Question A.2: Suppose that a study of the number of phone calls received a......
Suppose that a study of the number of phone calls received at a certain site is to be made. To do this, the number of phone calls received over a specified 30-minute period is recorded for 25 days. In this study, it is important to not only estimate the average number of calls, but the distribution of such calls as well. For instance, there may be a large number of days where few calls are received, but many days where the line is especially busy. We want to analyze the difference.
The results of an empirical study are recorded and summarized in Table A.3. As can be seen, this is a frequency distribution table, using ξ = 0, δ = 1, and m = 7 classes. Analyze this data statistically and infer an appropriate mass function.
TABLE A.3 Frequency Distribution Table,
Example A.2
\ \begin{array}{c} \hline Number&Score&&\\k&x_k&\phi_k&p_k\\\hline 0&0&2&0.08\\1&1&4&0.16\\2&2&8&0.32\\3&3&5&0.20\\4&4&3&0.12\\5&5&2&0.08\\6&6&1&0.04\\\hline &&25&1\\\hline \end{array}
Since, by the summary description, the variates must be integral, the distribution must be discrete. We therefore consider the mass function to be analogous to the empirical probability, which is shown in Figure A.3. The unbiased mean and variance estimators are computed as follows:
\ \hat{\mu}=\frac{1}{n}\sum\limits_{i=1}^{n}{\phi_ix_i}=2.52,\\ \hat{\sigma}^2=\frac{1}{n-1}\sum\limits_{i=1}^{n}{\phi_i(x_i-\hat{\mu})^2}\\=\frac{1}{n-1}\sum\limits_{i=1}{n \phi_i(x_i-\hat{\mu})^2}\approx 2.343.
In order to determine the actual distribution of this random variable, a slightly artistic approach is called for. For instance, by noting that the distribution has range [0, 6] and is slightly skewed to the right and that there are no “tails”, the binomial distribution as described in Appendix B is a realistic possibility.
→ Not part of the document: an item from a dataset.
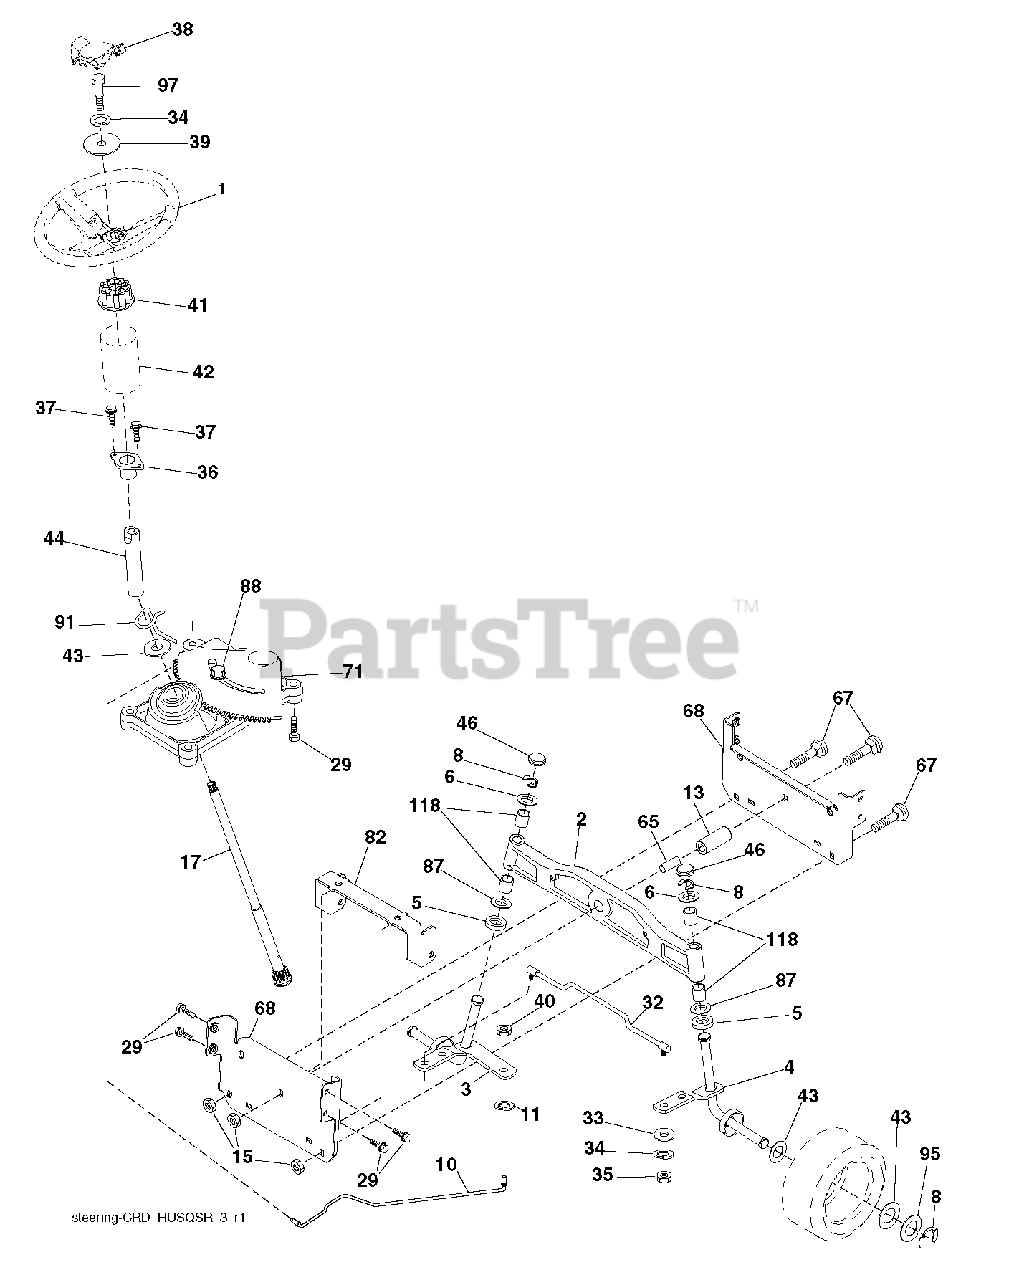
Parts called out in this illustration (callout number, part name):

Conveniently, formulas for the mean and variance of the binomial distribution are also given in Appendix B. They are
\ \mu=np,\\ \sigma^2=np(1-p) (A.7)
Solving Equations (A.7) for n and p and, then substituting the known mean and standard deviation estimators gives values of \ p = 1 – \hat{\sigma}^2/\hat{\mu} \approx 0.07 and n = \hat{\mu}^2/(\hat{\mu} – \hat{\sigma}^2 ) \approx 2.548 , from which the estimated mass function can in principle be computed. The value of\ \hat{p} \approx 0.07 makes good sense, since p is a probability. However, there is no integral value for\ \hat{n} that is obvious (which should it be: n = 2 or n = 3?). Also, it should be noted that the binomial distribution has but a finite range between 0 and n (in this computation, [0.0, 2.548]). From the data, this is certainly not the case.
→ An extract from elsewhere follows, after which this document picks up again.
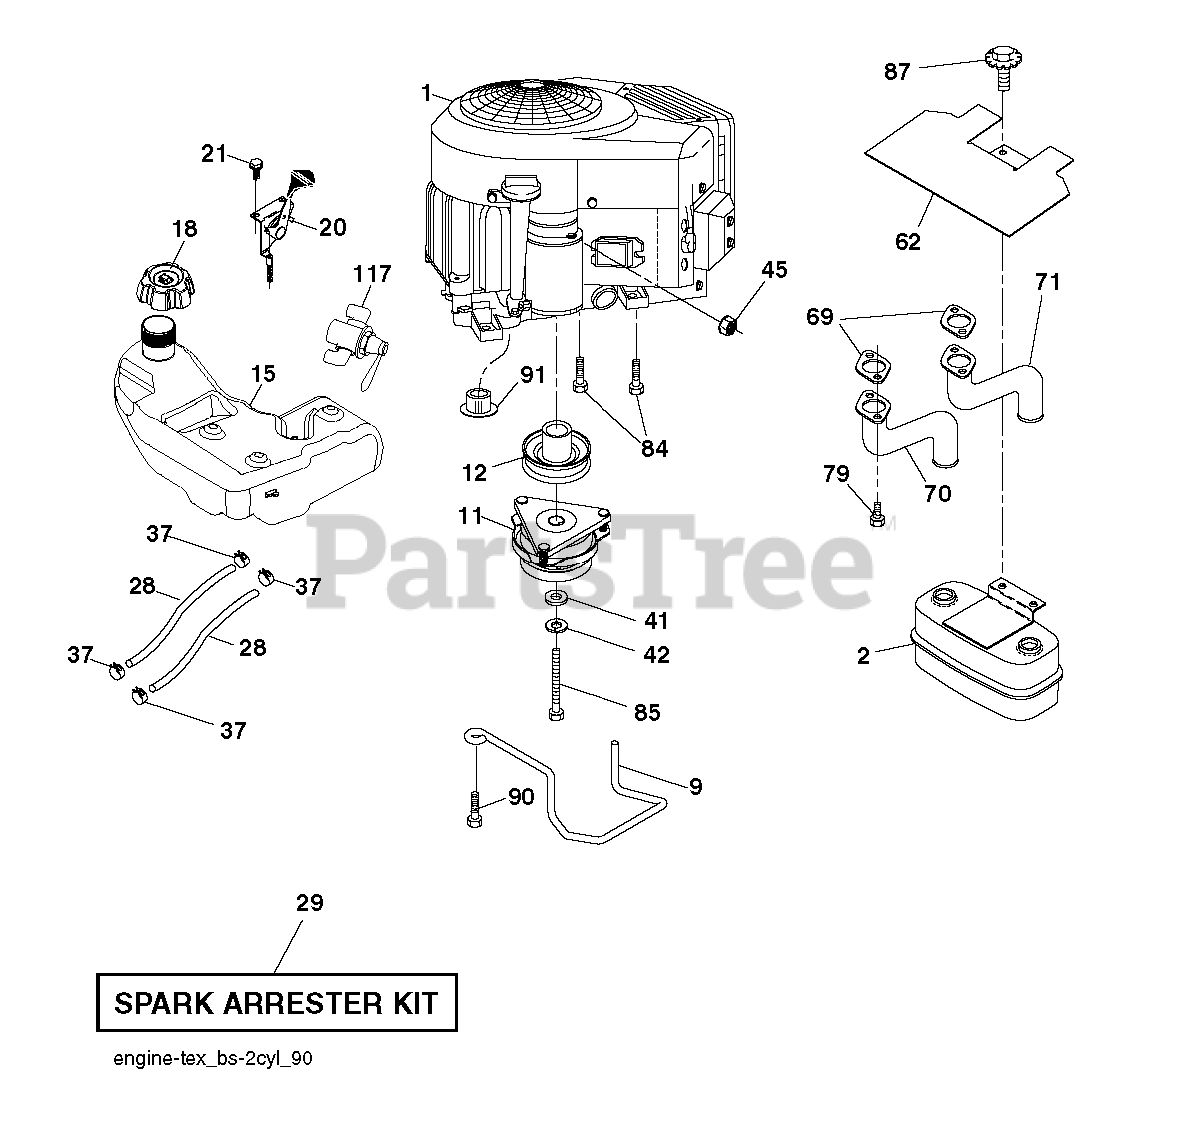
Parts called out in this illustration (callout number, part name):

On the other hand, it can be argued that the true distribution should have a right tail, since theoretically one can receive an unlimited number of calls over a 30-minute period. Also, the mean and variance are nearly equal. Thus, a Poisson distribution may be a better bet! Since the Poisson parameter n equals the mean, an estimated mass function is
\ p(x)=e^{-\hat{\mu}}\frac{\hat{\mu}^x}{x!}\\=(0.08)\frac{(2.52)^x}{x!}, x=0, 1, 2, …However, since the mean and variance are equal for Poisson distributions, couldn’t we use μ = σ² too? The reason that we do this is reflected in Equation (B.13) of Appendix B. The so-called maximum likelihood estimator is\ \hat{\lambda} = n^{-1} \sum\limits_{i=1}^{n}{x_i} , which is the mean and not the variance. We verify this result and the fact that μ = 2.52 is a better estimator in the next section.
\ \hat{\lambda}=\frac{1}{n}\sum\limits_{i=1}^{n}{x_i}. (B.13)
Also, by recalling that the original data in Table A.3 were the result of incoming telephone calls, the Poisson hypothesis of Chapter 8 is reasonable. Therefore, it should be argued that we will use the Poisson if it is good enough. This, too, will be considered in a later section. The graph of the Poisson estimator is sketched along with the empirical mass function in Figure A.3. Clearly, the results are reasonable.